The plant, with 768 parabolic mirrors, will be the largest concentrated solar power plant in the world, extending over a 2.5-square-kilometer area, according to a statement distributed today by the Regulatory News Service. Construction will begin in the third quarter and last about two years.
“Shams 1 is the first stand-alone plant in the region,” said Nathaniel Bullard, solar analyst at Bloomberg New Energy Finance in Washington. “A German developer is planning a 100-megawatt plant in Jordan and a 300-megawatt plant is also in planning. However, of all of these, only Masdar’s Shams 1 is what we would consider in an advanced stage.”
The shares of Seville, Spain-based Abengoa rose as much as 10 percent and traded at 14.46 euros, up 8.2 percent, at 5 p.m. local time.
Abu Dhabi, holder of almost all the oil reserves in the United Arab Emirates, aims to position itself as a hub for renewable energy by building the world’s first zero-carbon city and hosting the International Renewable Energy Agency headquarters.

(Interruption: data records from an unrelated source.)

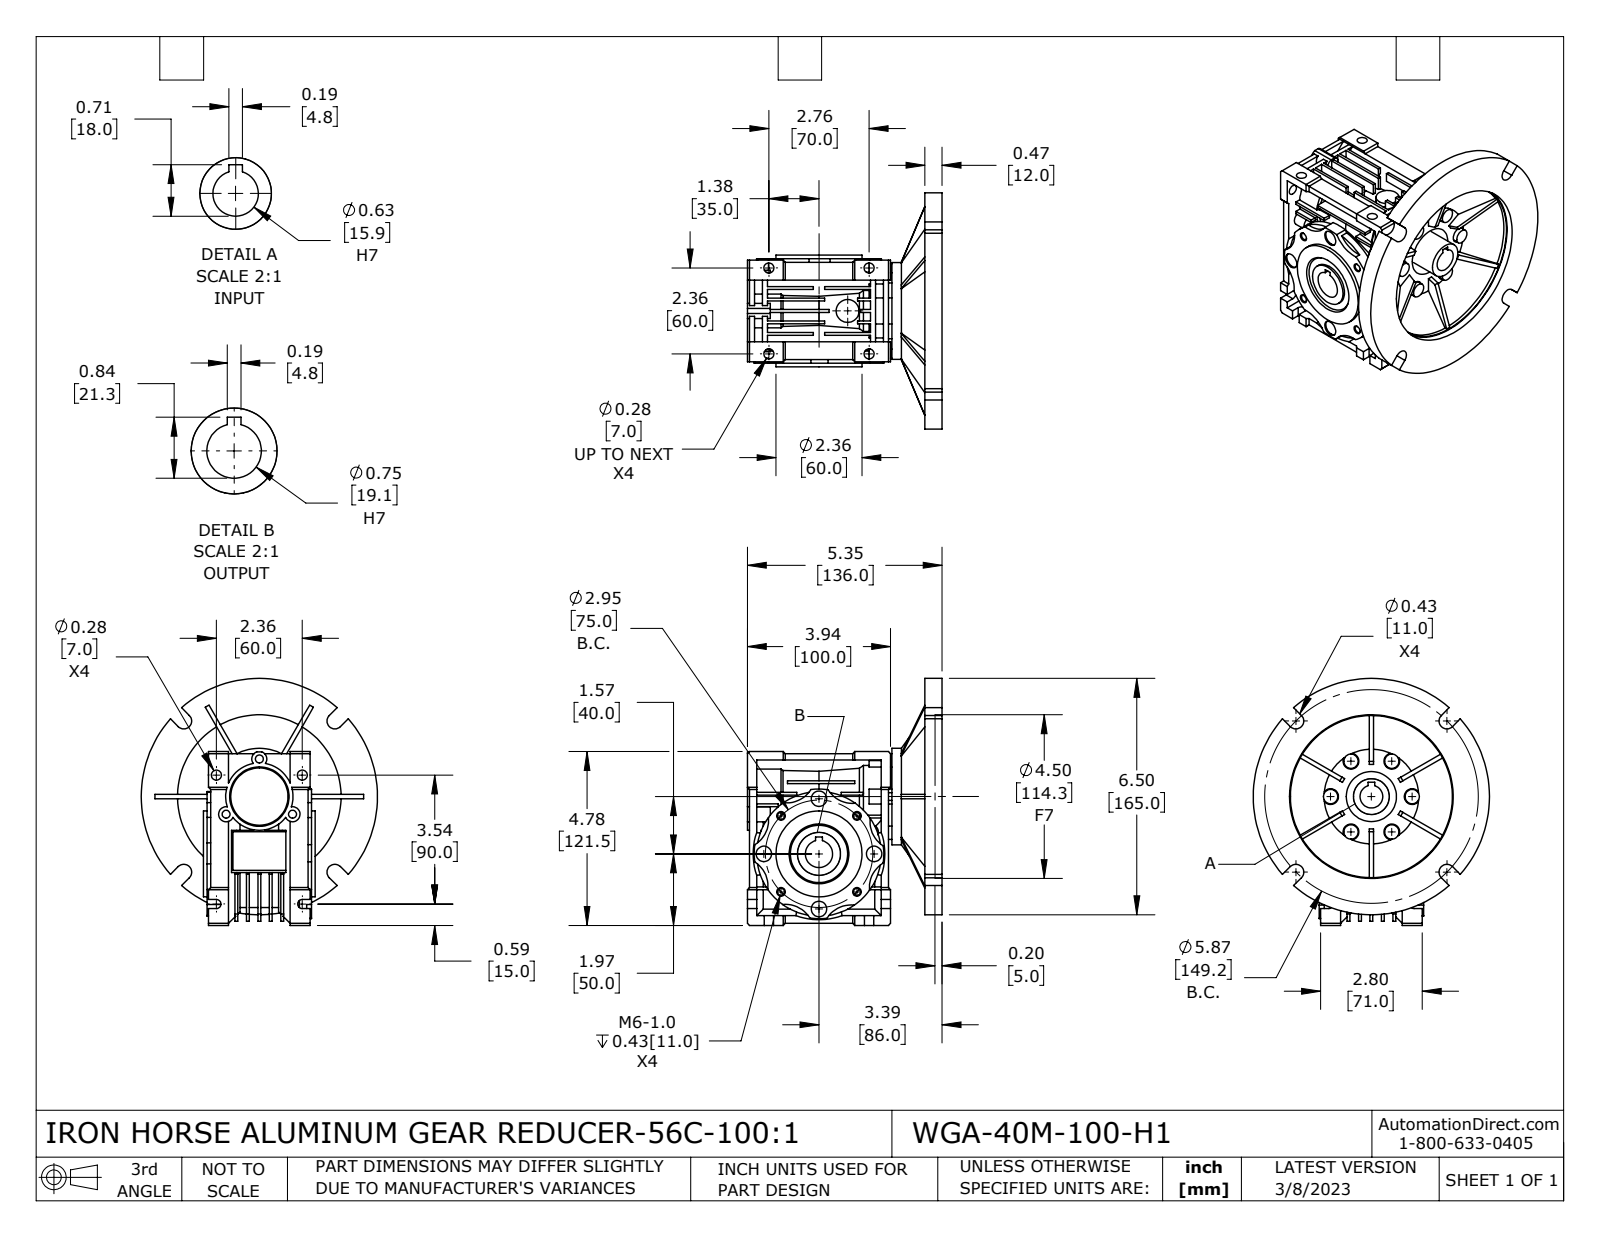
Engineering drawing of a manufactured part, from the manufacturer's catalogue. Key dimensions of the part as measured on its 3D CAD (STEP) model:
Part name (STEP PRODUCT): WGA-40M-100-H1
STEP written by: SolidWorks 2021 (CONFIG_CONTROL_DESIGN)
Units: inches
Bodies: 4 solids, 856 faces (511 planar, 251 cylindrical, 94 other)
Overall size (bounding box): 6.791 × 6.496 × 5.354
Volume: 50.34 in³ · Surface area: 315 in²
Round holes (diameter × count): ⌀0.276 ×6, ⌀0.433 ×6, ⌀0.194 ×4, ⌀0.425 ×4, ⌀0.219 ×3, ⌀0.625 ×1, ⌀0.65 ×1, ⌀0.75 ×1, ⌀0.906 ×1, ⌀1.102 ×1, ⌀1.181 ×1, ⌀1.378 ×1
Round bosses / shafts (diameter × count): ⌀0.394 ×6, ⌀6.496 ×1, ⌀2.953 ×1, ⌀2.657 ×1, ⌀2.362 ×1, ⌀2.126 ×1, ⌀1.85 ×1, ⌀1.417 ×1
Partial cylindrical surfaces — rounded edges, fillets, slot ends (radius × count): R0.787 ×8, R0.126 ×6, R0.206 ×6, R0.217 ×4, R0.207 ×3, R1.713 ×1, R1.716 ×1, R1.781 ×1
Main face-to-face distances: 0.315, 0.472, 0.079, 0.945, 0.236, 0.059, 0.63, 0.098, 0.394, 0.197
Hole centre spacings: 1.122, 1.146, 2.765, 1.943, 1.476, 1.516, 2.088, 2.144

Masdar is spending $22 billion to develop a carbon-neutral city in Abu Dhabi, the biggest of seven U.A.E. sheikhdoms that plans to derive 7 percent of its electricity from renewable sources by 2020. New investment in clean energy may reach $200 billion worldwide this year, 23 percent higher than 2009, according to New Energy Finance data.
“This project is very symbolic,” said Hélène Pelosse, interim director of the International Renewable Energy Agency, an industry group. “It is the first step into the transition toward the use of renewable energy in the region.”
Egypt, Morocco and Algeria also have thermal solar plants, although these are a combination of a conventional combined-cycle gas turbine and solar thermal plant, Bullard said.
Abu Dhabi Water and Electricity Co., the single buyer and seller of power and water in the city also known as Adwec, will be the only buyer of power from Shams 1.
The government will subsidize the cost, paying Adwec the difference between the average cost of electricity from a conventional power plant and the higher cost of solar power via a “green payment” plan. Solar power costs about 10 times more to produce than conventional power, Mohamed al-Zaabi, project manager for Masdar Solar, told reporters.
Masdar already has a 10-megawatt photovoltaic, or PV, plant in Abu Dhabi. PV plants use solar panels, which convert sunlight directly to electricity. Concentrated solar reflects sunlight, usually with mirrors to heat liquids that generate power with steam turbines.
Saudi Arabia, the biggest Arab economy, expects its first solar-powered desalination plant to be ready by 2013, Prince Turki bin Saud bin Mohammed al-Saud, vice-president for research institutes at the King Abdulaziz City for Science and Technology, said in February.
Masdar was established in 2006 and includes units to capture carbon emissions as well as a research institute.
Solar power is yet to be fully developed in the Middle East even as most countries in the region benefit from year-round sunshine. Reasons include the prohibitive cost of such new technology, government electricity subsidies that top $50 billion a year, lack of local expertise and the absence of tax incentives, according to David Scott, executive director at Abu Dhabi Executive Affairs Authority.
These hindrances are counterbalanced by the potential energy that could come from solar power, the centralized nature of governments that could translate into rapid adoption and implementation of renewable energy, and high power demand growth, Scott said at a conference yesterday in Abu Dhabi.